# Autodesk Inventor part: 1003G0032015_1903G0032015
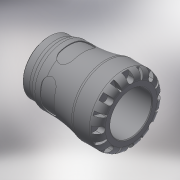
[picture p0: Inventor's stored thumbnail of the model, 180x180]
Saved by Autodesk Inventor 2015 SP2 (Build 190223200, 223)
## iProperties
Created: 2016-12
Part Number: 1003G0032015_1903G0032015
Material: Generic
Description: PLASSON FEMALE ADAPTOR 32x1 1/2" SERIES 1
Document SubType Name: Modeling
Designer: KIM
Mass: 142.338 g
Surface Area: 334.331 cm^2
Volume: 142.338 cm^3
Density: 1 g/cm^3
Appearance: Default
Author: KIM
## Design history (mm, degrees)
derived "1003G.ipt"
feature "Solid1::1003G.ipt"
tag "TaggingFeature1"
body "Solid1"
other parameters: "d0" = 95, "d1" = 28.14, "d2" = 32, "d4" = 64, "d6" = 67, "d8" = 54.4, "d13" = 9.6, "d14" = 9.6, "d15" = 0, "d17" = 360 deg, "d19" = 8 deg, "d20" = 0.64, "d21" = 0.64, "d22" = 8 deg, "d24" = 0, "d26" = 360 deg, "d32" = 6.4, "d33" = 6.4, "d39" = 1.34535, "d42" = 44.845, "d43" = 49.92, "d46" = 2.66667, "d47" = 19, "d48" = 42.60275, "d50" = 2.97, "d51" = 0.64, "d54" = 11.2, "d55" = 7.04, "d57" = 18.816, "d58" = 0, "d68" = 360 deg, "d72" = 0.64, "d74" = 0, "d76" = 9.52, "d_" = 32, "E_" = 64, "H_" = 95, "l_" = 67, "G_" = 44.845, "l_2" = 19, "d9" = 12, "d11" = 64, "d49" = 9
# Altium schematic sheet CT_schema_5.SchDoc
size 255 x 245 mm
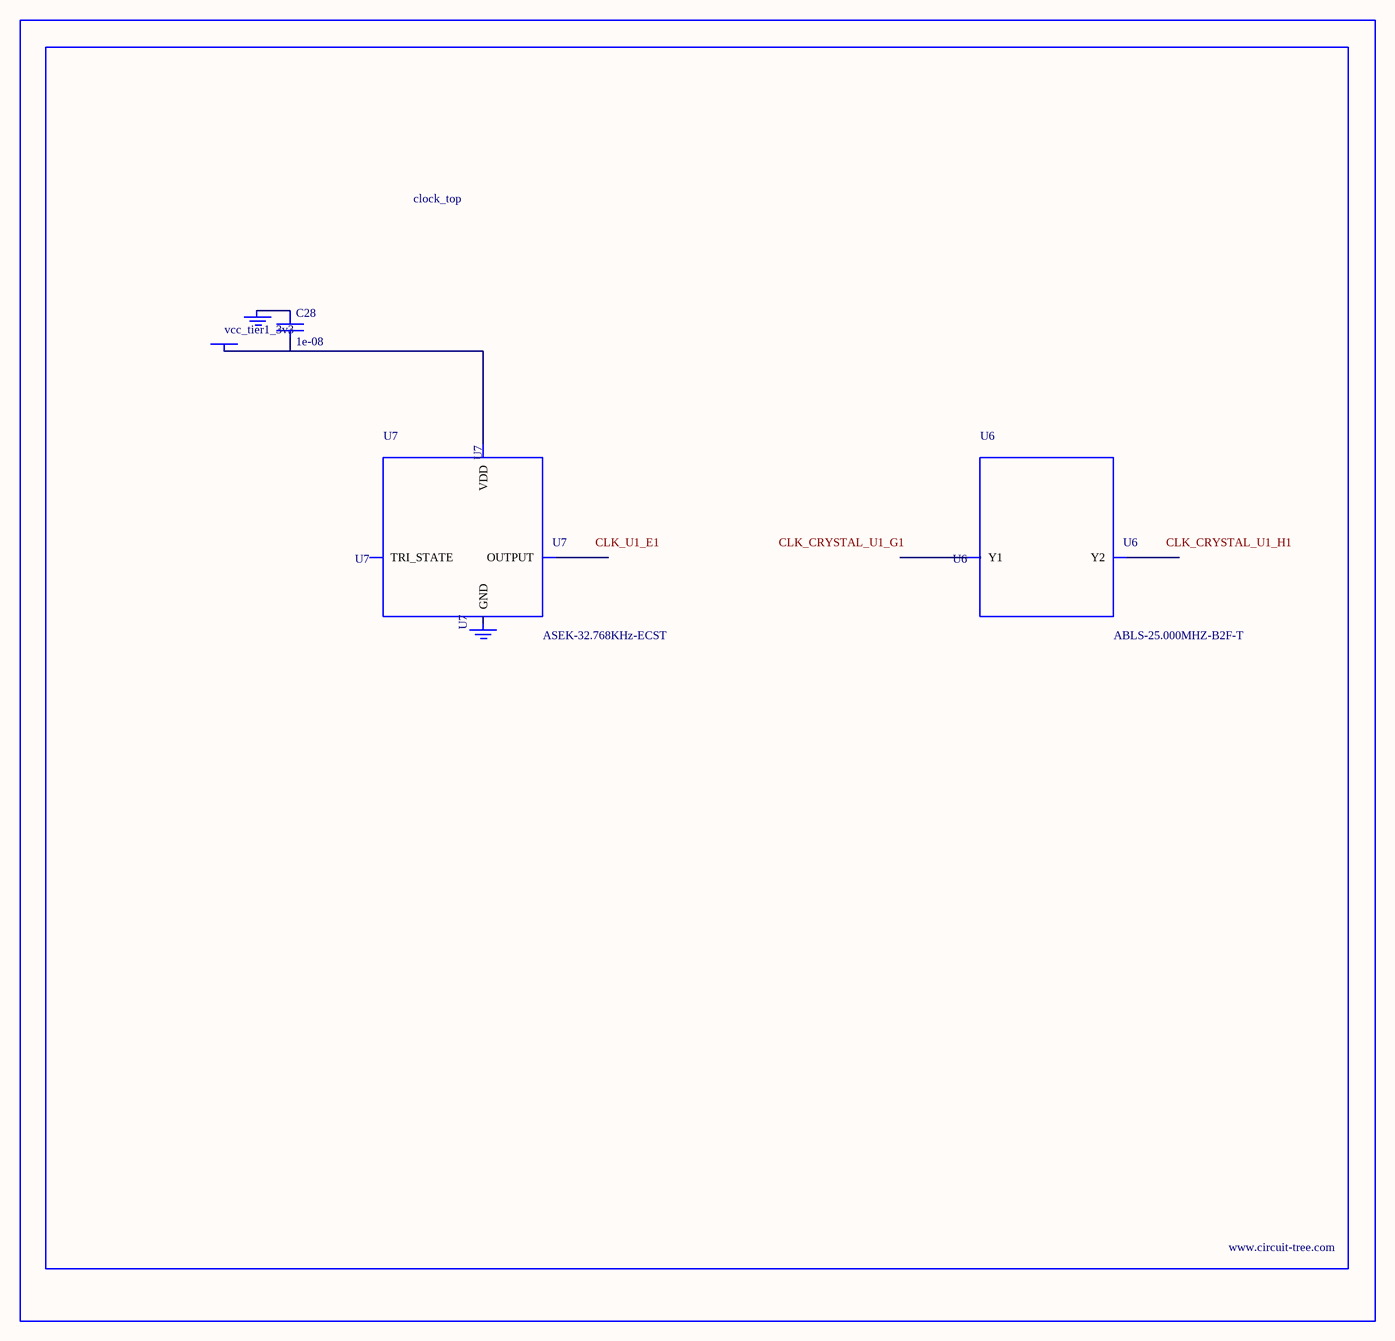
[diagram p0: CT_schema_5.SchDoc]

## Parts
BORDER4  (no value)
C28  1e-08  [C0402]
GND_INSTANCE_4_0  (no value)
GND_INSTANCE_4_1  (no value)
POWER_INSTANCE_4_0  vcc_tier1_3v3
U6  ABLS-25.000MHZ-B2F-T  [ABLS-25.000MHZ-B2F-T]
U7  ASEK-32.768KHz-ECST  [ASEK]

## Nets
NetC28_1: C28.1 GND_INSTANCE_4_0.0(GND)
NetC28_2: C28.2 POWER_INSTANCE_4_0.0(PWR) U7.4(VDD)

Not connected (* = marked no-connect by the designer): GND_INSTANCE_4_1 0(GND); U6 1(Y1) 2(Y2); U7 1(TRI_STATE) 2(GND) 3(OUTPUT)

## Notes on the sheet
- Labels drawn without touching a wire or pin: CLK_CRYSTAL_U1_G1, CLK_CRYSTAL_U1_H1, CLK_U1_E1

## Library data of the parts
BORDER4 = BORDER_PAGE4
C28 = C0402C103K3RAC
GND_INSTANCE_4_0 GND_INSTANCE_4_1 = GND
POWER_INSTANCE_4_0 = PWR

**WORK ITEM:**
Omit the images; transcribe the listing verbatim.

**SOLUTION TO THE EXERCISE:**
# Autodesk Inventor part: 1003G0032015_1903G0032015
[picture p0: Inventor's stored thumbnail of the model, 180x180]
Saved by Autodesk Inventor 2015 SP2 (Build 190223200, 223)
## iProperties
Created: 2016-12
Part Number: 1003G0032015_1903G0032015
Material: Generic
Description: PLASSON FEMALE ADAPTOR 32x1 1/2" SERIES 1
Document SubType Name: Modeling
Designer: KIM
Mass: 142.338 g
Surface Area: 334.331 cm^2
Volume: 142.338 cm^3
Density: 1 g/cm^3
Appearance: Default
Author: KIM
## Design history (mm, degrees)
derived "1003G.ipt"
feature "Solid1::1003G.ipt"
tag "TaggingFeature1"
body "Solid1"
other parameters: "d0" = 95, "d1" = 28.14, "d2" = 32, "d4" = 64, "d6" = 67, "d8" = 54.4, "d13" = 9.6, "d14" = 9.6, "d15" = 0, "d17" = 360 deg, "d19" = 8 deg, "d20" = 0.64, "d21" = 0.64, "d22" = 8 deg, "d24" = 0, "d26" = 360 deg, "d32" = 6.4, "d33" = 6.4, "d39" = 1.34535, "d42" = 44.845, "d43" = 49.92, "d46" = 2.66667, "d47" = 19, "d48" = 42.60275, "d50" = 2.97, "d51" = 0.64, "d54" = 11.2, "d55" = 7.04, "d57" = 18.816, "d58" = 0, "d68" = 360 deg, "d72" = 0.64, "d74" = 0, "d76" = 9.52, "d_" = 32, "E_" = 64, "H_" = 95, "l_" = 67, "G_" = 44.845, "l_2" = 19, "d9" = 12, "d11" = 64, "d49" = 9
# Altium schematic sheet CT_schema_5.SchDoc
size 255 x 245 mm
[diagram p0: CT_schema_5.SchDoc]

## Parts
BORDER4  (no value)
C28  1e-08  [C0402]
GND_INSTANCE_4_0  (no value)
GND_INSTANCE_4_1  (no value)
POWER_INSTANCE_4_0  vcc_tier1_3v3
U6  ABLS-25.000MHZ-B2F-T  [ABLS-25.000MHZ-B2F-T]
U7  ASEK-32.768KHz-ECST  [ASEK]

## Nets
NetC28_1: C28.1 GND_INSTANCE_4_0.0(GND)
NetC28_2: C28.2 POWER_INSTANCE_4_0.0(PWR) U7.4(VDD)

Not connected (* = marked no-connect by the designer): GND_INSTANCE_4_1 0(GND); U6 1(Y1) 2(Y2); U7 1(TRI_STATE) 2(GND) 3(OUTPUT)

## Notes on the sheet
- Labels drawn without touching a wire or pin: CLK_CRYSTAL_U1_G1, CLK_CRYSTAL_U1_H1, CLK_U1_E1

## Library data of the parts
BORDER4 = BORDER_PAGE4
C28 = C0402C103K3RAC
GND_INSTANCE_4_0 GND_INSTANCE_4_1 = GND
POWER_INSTANCE_4_0 = PWR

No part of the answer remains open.